5. Impact tracking and analytics

Citation counts are still the metric most people reach for, but they don’t tell the full story. A paper can be highly cited and largely ignored by policymakers, or gain traction on social media months after publication with no corresponding citation uptick. For researchers, these tools show how your work is actually being used and discussed – not just how often it gets cited. For editors, they give a more granular picture of which articles are gaining traction and in which communities.

  • PlumX Metrics – PlumX tracks five categories of activity beyond citations: usage, captures, mentions, social media, and citations. The breadth of categories gives a fuller picture of how an article is traveling beyond formal citation channels.
  • Crossref – Crossref is the DOI registration agency for scholarly content. Its metadata and citation APIs are the backbone of much of the scholarly analytics ecosystem – any tool tracking citations or linking research outputs ultimately relies on Crossref data.
  • Altmetric – Altmetric tracks online attention to research across news outlets, policy documents, social media, and citation databases. The Altmetric Attention Score is a single number that aggregates these signals, with a breakdown available for each source type.
  • Dimensions – Dimensions is a linked research database covering publications, grants, patents, clinical trials, and policy documents. It’s particularly useful for tracing how research translates into funded projects, commercial applications, and policy influence.
  • Journal Citation Reports – JCR is Clarivate’s annual report on journal-level citation metrics, including Impact Factor and Eigenfactor. It’s the standard reference for comparing journal performance and is used by researchers when deciding where to submit.
  • Scite.ai – Scite.ai goes beyond citation counts by showing how a paper was cited – whether the citing paper supported, contrasted, or simply mentioned the finding. That context changes how you interpret a paper’s influence.
  • TrendMD – TrendMD is a content recommendation engine for scholarly articles.
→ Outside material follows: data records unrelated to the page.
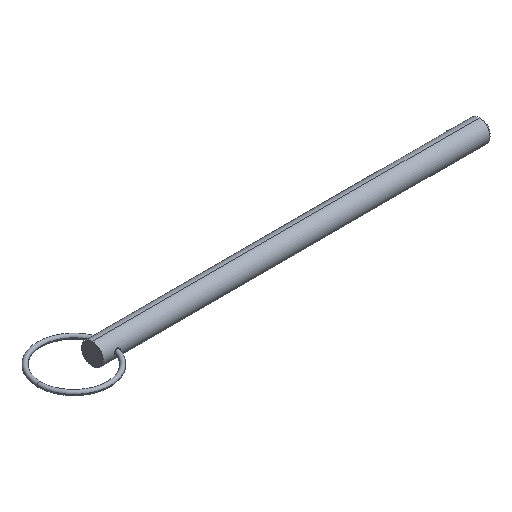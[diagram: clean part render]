
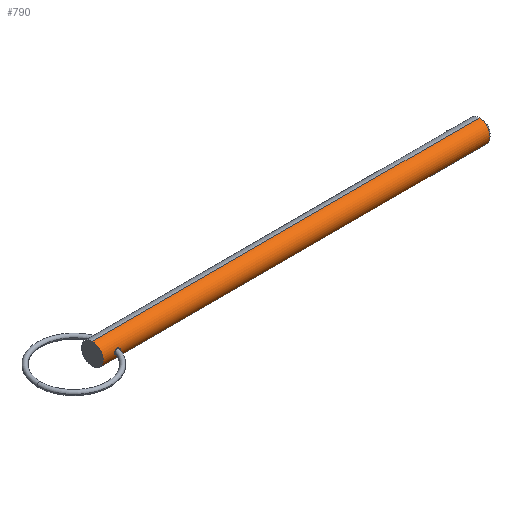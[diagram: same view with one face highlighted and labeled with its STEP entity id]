
A CAD part, isometric view. The second image highlights one B-rep face of the part: STEP entity #790.
In plain terms, the highlighted cylindrical face has radius 3.97 mm (diameter 7.94 mm), a partial arc.
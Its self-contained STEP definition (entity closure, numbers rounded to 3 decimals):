
#35 = CARTESIAN_POINT ( 'NONE',  ( 6.35, -3.97, 0. ) ) ;
#46 = CARTESIAN_POINT ( 'NONE',  ( 6.35, -3.97, 0.134 ) ) ;
#48 = CARTESIAN_POINT ( 'NONE',  ( 141.888, 0., 0. ) ) ;
#93 = EDGE_CURVE ( 'NONE', #618, #837, #533, .T. ) ;
#98 = CARTESIAN_POINT ( 'NONE',  ( 5.052, -3.846, -0.984 ) ) ;
#106 = CARTESIAN_POINT ( 'NONE',  ( 4.492, -3.923, 0.614 ) ) ;
#107 = FACE_BOUND ( 'NONE', #521, .T. ) ;
#109 = CARTESIAN_POINT ( 'NONE',  ( 4.26, -3.97, 0.134 ) ) ;
#110 = CARTESIAN_POINT ( 'NONE',  ( 141.888, 0., 3.97 ) ) ;
#112 = CARTESIAN_POINT ( 'NONE',  ( 5.953, -3.888, 0.81 ) ) ;
#117 = CARTESIAN_POINT ( 'NONE',  ( 5.587, -3.849, 0.975 ) ) ;
#118 = CARTESIAN_POINT ( 'NONE',  ( 6.35, -3.97, 0. ) ) ;
#120 = AXIS2_PLACEMENT_3D ( 'NONE', #823, #446, #565 ) ;
#121 = CARTESIAN_POINT ( 'NONE',  ( 6.221, -3.939, -0.514 ) ) ;
#155 = CARTESIAN_POINT ( 'NONE',  ( 4.26, -3.97, 0. ) ) ;
#156 = ORIENTED_EDGE ( 'NONE', *, *, #247, .F. ) ;
#172 = DIRECTION ( 'NONE',  ( 1., 0., 0. ) ) ;
#176 = AXIS2_PLACEMENT_3D ( 'NONE', #48, #172, #809 ) ;
#177 = CARTESIAN_POINT ( 'NONE',  ( 5.185, -3.845, 0.988 ) ) ;
#189 = CARTESIAN_POINT ( 'NONE',  ( 5.452, -3.843, -0.996 ) ) ;
#191 = CARTESIAN_POINT ( 'NONE',  ( 6.35, -3.97, -0.133 ) ) ;
#195 = CARTESIAN_POINT ( 'NONE',  ( 0., 0., -3.97 ) ) ;
#214 = EDGE_CURVE ( 'NONE', #837, #618, #234, .T. ) ;
#222 = CARTESIAN_POINT ( 'NONE',  ( 0., 0., 0. ) ) ;
#230 = EDGE_LOOP ( 'NONE', ( #714, #643, #614, #156 ) ) ;
#234 = B_SPLINE_CURVE_WITH_KNOTS ( 'NONE', 3,
 ( #35, #191, #701, #121, #386, #568, #745, #835, #189, #98, #460, #815, #824, #767, #265, #699 ),
 .UNSPECIFIED., .F., .F.,
 ( 4, 2, 2, 2, 2, 2, 2, 4 ),
 ( 0.004, 0.004, 0.005, 0.005, 0.005, 0.006, 0.007, 0.007 ),
 .UNSPECIFIED. ) ;
#247 = EDGE_CURVE ( 'NONE', #763, #776, #259, .T. ) ;
#253 = EDGE_CURVE ( 'NONE', #469, #763, #498, .T. ) ;
#259 = CIRCLE ( 'NONE', #176, 3.97 ) ;
#265 = CARTESIAN_POINT ( 'NONE',  ( 4.26, -3.97, -0.134 ) ) ;
#298 = DIRECTION ( 'NONE',  ( 0., 0., -1. ) ) ;
#316 = FACE_OUTER_BOUND ( 'NONE', #230, .T. ) ;
#317 = EDGE_CURVE ( 'NONE', #511, #776, #574, .T. ) ;
#321 = DIRECTION ( 'NONE',  ( 1., 0., 0. ) ) ;
#329 = CYLINDRICAL_SURFACE ( 'NONE', #120, 3.97 ) ;
#345 = CARTESIAN_POINT ( 'NONE',  ( 5.055, -3.852, 0.961 ) ) ;
#347 = VECTOR ( 'NONE', #321, 1000. ) ;
#373 = CARTESIAN_POINT ( 'NONE',  ( 4.408, -3.939, 0.507 ) ) ;
#382 = CARTESIAN_POINT ( 'NONE',  ( 5.455, -3.843, 0.996 ) ) ;
#384 = CARTESIAN_POINT ( 'NONE',  ( 141.888, 0., -3.97 ) ) ;
#385 = CARTESIAN_POINT ( 'NONE',  ( 6.323, -3.963, 0.268 ) ) ;
#386 = CARTESIAN_POINT ( 'NONE',  ( 6.145, -3.922, -0.626 ) ) ;
#391 = CARTESIAN_POINT ( 'NONE',  ( 5.839, -3.871, 0.882 ) ) ;
#445 = CARTESIAN_POINT ( 'NONE',  ( 4.292, -3.963, 0.268 ) ) ;
#446 = DIRECTION ( 'NONE',  ( 1., 0., 0. ) ) ;
#460 = CARTESIAN_POINT ( 'NONE',  ( 4.788, -3.876, -0.879 ) ) ;
#463 = DIRECTION ( 'NONE',  ( 1., 0., 0. ) ) ;
#469 = VERTEX_POINT ( 'NONE', #727 ) ;
#498 = LINE ( 'NONE', #751, #347 ) ;
#511 = VERTEX_POINT ( 'NONE', #604 ) ;
#521 = EDGE_LOOP ( 'NONE', ( #773, #600 ) ) ;
#533 = B_SPLINE_CURVE_WITH_KNOTS ( 'NONE', 3,
 ( #768, #109, #445, #373, #106, #556, #713, #345, #177, #382, #117, #391, #112, #717, #834, #385, #46, #758 ),
 .UNSPECIFIED., .F., .F.,
 ( 4, 2, 2, 2, 2, 2, 2, 2, 4 ),
 ( 0.001, 0.001, 0.001, 0.002, 0.002, 0.003, 0.003, 0.003, 0.004 ),
 .UNSPECIFIED. ) ;
#556 = CARTESIAN_POINT ( 'NONE',  ( 4.691, -3.891, 0.792 ) ) ;
#565 = DIRECTION ( 'NONE',  ( 0., 0., -1. ) ) ;
#568 = CARTESIAN_POINT ( 'NONE',  ( 5.952, -3.887, -0.811 ) ) ;
#574 = LINE ( 'NONE', #195, #778 ) ;
#600 = ORIENTED_EDGE ( 'NONE', *, *, #214, .T. ) ;
#604 = CARTESIAN_POINT ( 'NONE',  ( 0., 0., -3.97 ) ) ;
#607 = EDGE_CURVE ( 'NONE', #469, #511, #754, .T. ) ;
#609 = DIRECTION ( 'NONE',  ( 1., 0., 0. ) ) ;
#614 = ORIENTED_EDGE ( 'NONE', *, *, #317, .T. ) ;
#618 = VERTEX_POINT ( 'NONE', #155 ) ;
#643 = ORIENTED_EDGE ( 'NONE', *, *, #607, .T. ) ;
#699 = CARTESIAN_POINT ( 'NONE',  ( 4.26, -3.97, 0. ) ) ;
#701 = CARTESIAN_POINT ( 'NONE',  ( 6.324, -3.963, -0.267 ) ) ;
#713 = CARTESIAN_POINT ( 'NONE',  ( 4.805, -3.876, 0.862 ) ) ;
#714 = ORIENTED_EDGE ( 'NONE', *, *, #253, .F. ) ;
#717 = CARTESIAN_POINT ( 'NONE',  ( 6.144, -3.921, 0.626 ) ) ;
#727 = CARTESIAN_POINT ( 'NONE',  ( 0., 0., 3.97 ) ) ;
#738 = AXIS2_PLACEMENT_3D ( 'NONE', #222, #609, #298 ) ;
#745 = CARTESIAN_POINT ( 'NONE',  ( 5.837, -3.871, -0.882 ) ) ;
#751 = CARTESIAN_POINT ( 'NONE',  ( 0., 0., 3.97 ) ) ;
#754 = CIRCLE ( 'NONE', #738, 3.97 ) ;
#758 = CARTESIAN_POINT ( 'NONE',  ( 6.35, -3.97, 0. ) ) ;
#763 = VERTEX_POINT ( 'NONE', #110 ) ;
#767 = CARTESIAN_POINT ( 'NONE',  ( 4.291, -3.963, -0.267 ) ) ;
#768 = CARTESIAN_POINT ( 'NONE',  ( 4.26, -3.97, 0. ) ) ;
#773 = ORIENTED_EDGE ( 'NONE', *, *, #93, .T. ) ;
#776 = VERTEX_POINT ( 'NONE', #384 ) ;
#778 = VECTOR ( 'NONE', #463, 1000. ) ;
#790 = ADVANCED_FACE ( 'NONE', ( #316, #107 ), #329, .T. ) ;
#809 = DIRECTION ( 'NONE',  ( 0., 0., -1. ) ) ;
#815 = CARTESIAN_POINT ( 'NONE',  ( 4.492, -3.923, -0.614 ) ) ;
#823 = CARTESIAN_POINT ( 'NONE',  ( 0., 0., 0. ) ) ;
#824 = CARTESIAN_POINT ( 'NONE',  ( 4.408, -3.939, -0.508 ) ) ;
#834 = CARTESIAN_POINT ( 'NONE',  ( 6.221, -3.939, 0.513 ) ) ;
#835 = CARTESIAN_POINT ( 'NONE',  ( 5.587, -3.849, -0.975 ) ) ;
#837 = VERTEX_POINT ( 'NONE', #118 ) ;

When embedded in a journal’s website, it surfaces related papers to readers – driving traffic to published articles and giving editors data on which content is generating downstream engagement.
  • Kudos – Kudos helps researchers explain and share their published work. Authors create plain-language summaries and share them across platforms; journals using the Kudos platform can track which sharing activity is driving full-text downloads and citations.
  • CiteScore (Elsevier) – CiteScore is Elsevier’s citation metric for journals, calculated from Scopus data. It covers a broader range of document types than Impact Factor and is updated annually. It’s a useful data point when benchmarking journal performance.
  • Paperguide – Paperguide uses AI to help researchers find, analyze, and manage literature. Its analytics features track how frequently specific papers appear in searches and reading lists, giving a proxy measure of pre-citation interest.
  • Eigenfactor – Eigenfactor scores journals based on the full network of citations rather than raw counts – a citation from a highly-cited journal carries more weight. It’s a free alternative to Impact Factor for comparing journal influence.
  • Plum Analytics – Plum Analytics, now part of Elsevier, tracks five categories of activity: usage, captures, mentions, social media, and citations. The breadth of categories gives a fuller picture of how an article is traveling beyond formal citations.
  • Overleaf – Overleaf is the dominant collaborative LaTeX editor in academic publishing. While primarily a writing tool, its integration with journal submission systems and its usage data across institutions make it a window into where active research is being written.
  • Clarivate InCites – InCites is Clarivate’s benchmarking and analytics platform for research institutions and journals. It draws on Web of Science data to compare output, citation impact, and collaboration patterns at journal and field level.
  • Sage Policy Profiles – Sage Policy Profiles tracks when research is cited in policy documents, parliamentary debates, and think tank reports. It’s useful for journals that want to demonstrate their content’s reach beyond academia.
  • SciVal – SciVal is Elsevier’s research benchmarking tool, built on Scopus data. Editors can use it to track topic trends, benchmark journal performance against competitors, and identify emerging research areas for future special issues.
  • WorldCat – WorldCat aggregates library holdings from institutions worldwide. For journals, library adoption data is a measure of how broadly content is being acquired and made available – distinct from download counts or citations.

6. AI-based tools

The AI tool landscape has moved well past ChatGPT. Researchers and editors now have access to purpose-built research assistants, closed-corpus synthesis tools, real-time claim verification engines, and large language models with context windows big enough to hold multiple full manuscripts at once. For researchers, the most useful tools in this category reduce literature review time dramatically and help stress-test arguments before submission.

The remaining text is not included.